**WORK TASK:**
Look through the records that follow and state how many lines hold the word "dimtxsty", without adding anything.
·····
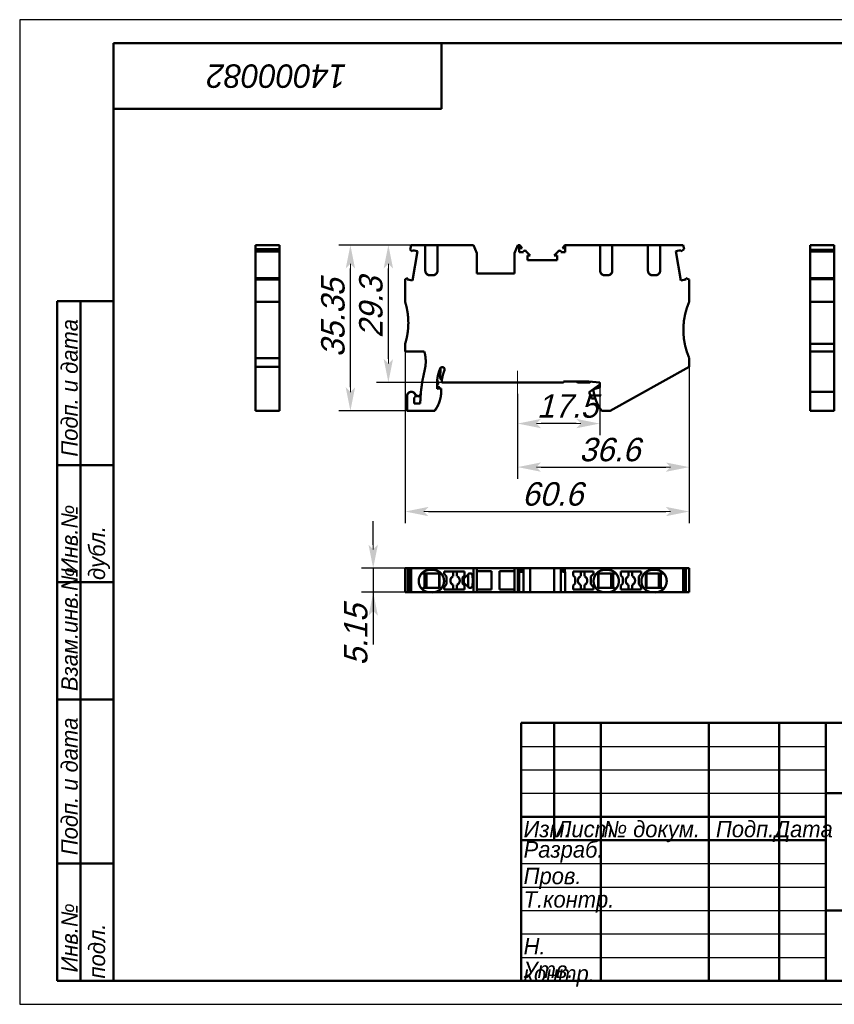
# Model space of a CAD drawing. Header units: millimetres. Extents: x 0 to 297, y 0 to 210.
# Tile 1 of 2: x 0 to 174, y 0 to 210. Entities that reach past the tile are written whole.
import ezdxf

# ---------------------------------------------------------------- set-up
doc = ezdxf.new("R2010")
doc.units = ezdxf.units.MM
doc.styles.add('TextStyle_1', font='T-FLEX Type A.TTF', dxfattribs={"oblique": 15, "height": 5})
doc.dimstyles.new('DIM_ST_1', dxfattribs={"dimtxt": 5, "dimasz": 5, "dimexe": 2.5, "dimexo": 0, "dimtad": 1, "dimrnd": 0.01, "dimdsep": 46, "dimtxsty": 'TextStyle_1', "dimblk": 'Arrow_3_C7_Status', "dimcen": 0.09, "dimclrd": 7, "dimclre": 7, "dimclrt": 7, "dimazin": 0, "dimtfac": 1, "dimtdec": 0, "dimtmove": 0, "dimatfit": 0, "dimldrblk": 'NONE', "dimfxl": 1, "dimtvp": 1, "dimtolj": 1, "dimarcsym": 0})
doc.dimstyles.new('DIM_ST_2', dxfattribs={"dimtxt": 5, "dimasz": 5, "dimexe": 2.5, "dimexo": 0, "dimtad": 1, "dimrnd": 0.01, "dimdsep": 46, "dimtxsty": 'TextStyle_1', "dimblk": 'Arrow_3_C7_Status', "dimcen": 0.09, "dimclrd": 7, "dimclre": 7, "dimclrt": 7, "dimazin": 0, "dimtfac": 1, "dimtdec": 0, "dimtmove": 0, "dimatfit": 0, "dimldrblk": 'NONE', "dimfxl": 1, "dimtvp": 1, "dimtolj": 1, "dimarcsym": 0})

# ---------------------------------------------------------------- blocks, each defined once
blk = doc.blocks.new('Arrow_3_C7_Status')
at = {"color": 7, "lineweight": 0, "flags": 128}
blk.add_lwpolyline([(-1, 0), (-0.8, 0)], dxfattribs=at)
at = {"color": 7}
blk.add_solid([(-1, -0.2), (0, 0), (-0.8, 0), (-1, 0.2)], dxfattribs=at)
blk = doc.blocks.new('*D5')
at = {"color": 7, "lineweight": -2}
for p, q in [((89.12, 161.94), (68.05, 161.94)), ((70.55, 131.59), (70.55, 156.94)), ((82.65, 126.59), (68.05, 126.59))]:
    blk.add_line(p, q, dxfattribs=at)
at = {"layer": 'Defpoints', "color": 0}
for p in [(70.55, 161.94), (89.12, 161.94), (82.65, 126.59)]:
    blk.add_point(p, dxfattribs=at)
at = {"color": 7, "lineweight": -2, "xscale": 5, "yscale": 5, "zscale": 5}
for p, rotation in [((70.55, 161.94), 90), ((70.55, 126.59), 270)]:
    blk.add_blockref('Arrow_3_C7_Status', p, dxfattribs=dict(at, rotation=rotation))
blk = doc.blocks.new('_None')
blk = doc.blocks.new('*D6')
at = {"color": 7, "lineweight": -2}
for p, q in [((82.22, 139.24), (82.22, 102.6)), ((142.83, 135.95), (142.83, 102.6)), ((87.22, 105.1), (137.83, 105.1))]:
    blk.add_line(p, q, dxfattribs=at)
at = {"layer": 'Defpoints', "color": 0}
for p in [(82.22, 139.24), (142.83, 135.95), (142.83, 105.1)]:
    blk.add_point(p, dxfattribs=at)
at = {"color": 7, "lineweight": -2, "xscale": 5, "yscale": 5, "zscale": 5}
for p, rotation in [((82.22, 105.1), 180), ((142.83, 105.1), 360)]:
    blk.add_blockref('Arrow_3_C7_Status', p, dxfattribs=dict(at, rotation=rotation))
blk = doc.blocks.new('*D7')
at = {"color": 7, "lineweight": -2}
for p, q in [((89.12, 161.94), (76.15, 161.94)), ((78.65, 137.64), (78.65, 156.94)), ((90.03, 132.64), (76.15, 132.64))]:
    blk.add_line(p, q, dxfattribs=at)
at = {"layer": 'Defpoints', "color": 0}
for p in [(78.65, 161.94), (89.12, 161.94), (90.03, 132.64)]:
    blk.add_point(p, dxfattribs=at)
at = {"color": 7, "lineweight": -2, "xscale": 5, "yscale": 5, "zscale": 5}
for p, rotation in [((78.65, 161.94), 90.0000000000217), ((78.65, 132.64), 270.0000000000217)]:
    blk.add_blockref('Arrow_3_C7_Status', p, dxfattribs=dict(at, rotation=rotation))
blk = doc.blocks.new('*D8')
at = {"color": 7, "lineweight": -2}
for p, q in [((142.83, 135.95), (142.83, 112.07)), ((106.23, 130.18), (106.23, 112.07)), ((111.23, 114.57), (137.83, 114.57))]:
    blk.add_line(p, q, dxfattribs=at)
at = {"layer": 'Defpoints', "color": 0}
for p in [(142.83, 135.95), (106.23, 130.18), (142.83, 114.57)]:
    blk.add_point(p, dxfattribs=at)
at = {"color": 7, "lineweight": -2, "xscale": 5, "yscale": 5, "zscale": 5}
for p, rotation in [((106.23, 114.57), 180), ((142.83, 114.57), 360)]:
    blk.add_blockref('Arrow_3_C7_Status', p, dxfattribs=dict(at, rotation=rotation))
blk = doc.blocks.new('*D9')
at = {"color": 7, "lineweight": -2}
for p, q in [((123.73, 132.64), (123.73, 121.36)), ((106.23, 130.18), (106.23, 121.36)), ((118.73, 123.86), (111.23, 123.86))]:
    blk.add_line(p, q, dxfattribs=at)
at = {"layer": 'Defpoints', "color": 0}
for p in [(123.73, 132.64), (106.23, 130.18), (106.23, 123.86)]:
    blk.add_point(p, dxfattribs=at)
at = {"color": 7, "lineweight": -2, "xscale": 5, "yscale": 5, "zscale": 5, "rotation": 180}
blk.add_blockref('Arrow_3_C7_Status', (106.23, 123.86), dxfattribs=at)
at = {"color": 7, "lineweight": -2, "xscale": 5, "yscale": 5, "zscale": 5}
blk.add_blockref('Arrow_3_C7_Status', (123.73, 123.86), dxfattribs=at)
blk = doc.blocks.new('*D10')
at = {"color": 7, "lineweight": -2}
for p, q in [((75.42, 98.02), (75.42, 103.02)), ((83.49, 93.02), (72.92, 93.02)), ((75.42, 93.02), (75.42, 87.87)), ((83.49, 87.87), (72.92, 87.87)), ((75.42, 87.87), (75.42, 76.73)), ((75.42, 82.87), (75.42, 77.87))]:
    blk.add_line(p, q, dxfattribs=at)
at = {"layer": 'Defpoints', "color": 0}
for p in [(83.49, 93.02), (75.42, 87.87), (83.49, 87.87)]:
    blk.add_point(p, dxfattribs=at)
at = {"color": 7, "lineweight": -2, "xscale": 5, "yscale": 5, "zscale": 5}
for p, rotation in [((75.42, 93.02), 270), ((75.42, 87.87), 90)]:
    blk.add_blockref('Arrow_3_C7_Status', p, dxfattribs=dict(at, rotation=rotation))
blk = doc.blocks.new('_FR1Страница_1')
at = {"color": 7, "lineweight": 25, "flags": 128}
for points in [[(0, 210), (0, 0)], [(297, 210), (0, 210)], [(107, 55), (172, 55)], [(107, 50), (172, 50)], [(107, 45), (172, 45)], [(107, 30), (172, 30)], [(107, 25), (172, 25)], [(107, 20), (172, 20)], [(107, 15), (172, 15)], [(107, 10), (172, 10)], [(0, 0), (297, 0)]]:
    blk.add_lwpolyline(points, dxfattribs=at)
at = {"color": 7, "lineweight": 50, "flags": 128}
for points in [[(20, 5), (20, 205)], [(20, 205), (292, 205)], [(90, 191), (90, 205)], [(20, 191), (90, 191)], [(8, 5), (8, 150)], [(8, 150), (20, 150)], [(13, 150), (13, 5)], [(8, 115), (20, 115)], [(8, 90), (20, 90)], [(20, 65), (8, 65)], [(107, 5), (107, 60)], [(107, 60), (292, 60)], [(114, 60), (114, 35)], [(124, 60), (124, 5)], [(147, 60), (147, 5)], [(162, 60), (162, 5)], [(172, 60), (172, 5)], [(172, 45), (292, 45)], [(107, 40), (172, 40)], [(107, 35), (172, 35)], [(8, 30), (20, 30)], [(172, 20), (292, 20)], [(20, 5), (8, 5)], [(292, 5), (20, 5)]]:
·····
**SOLUTION FOR THIS EXERCISE:**
2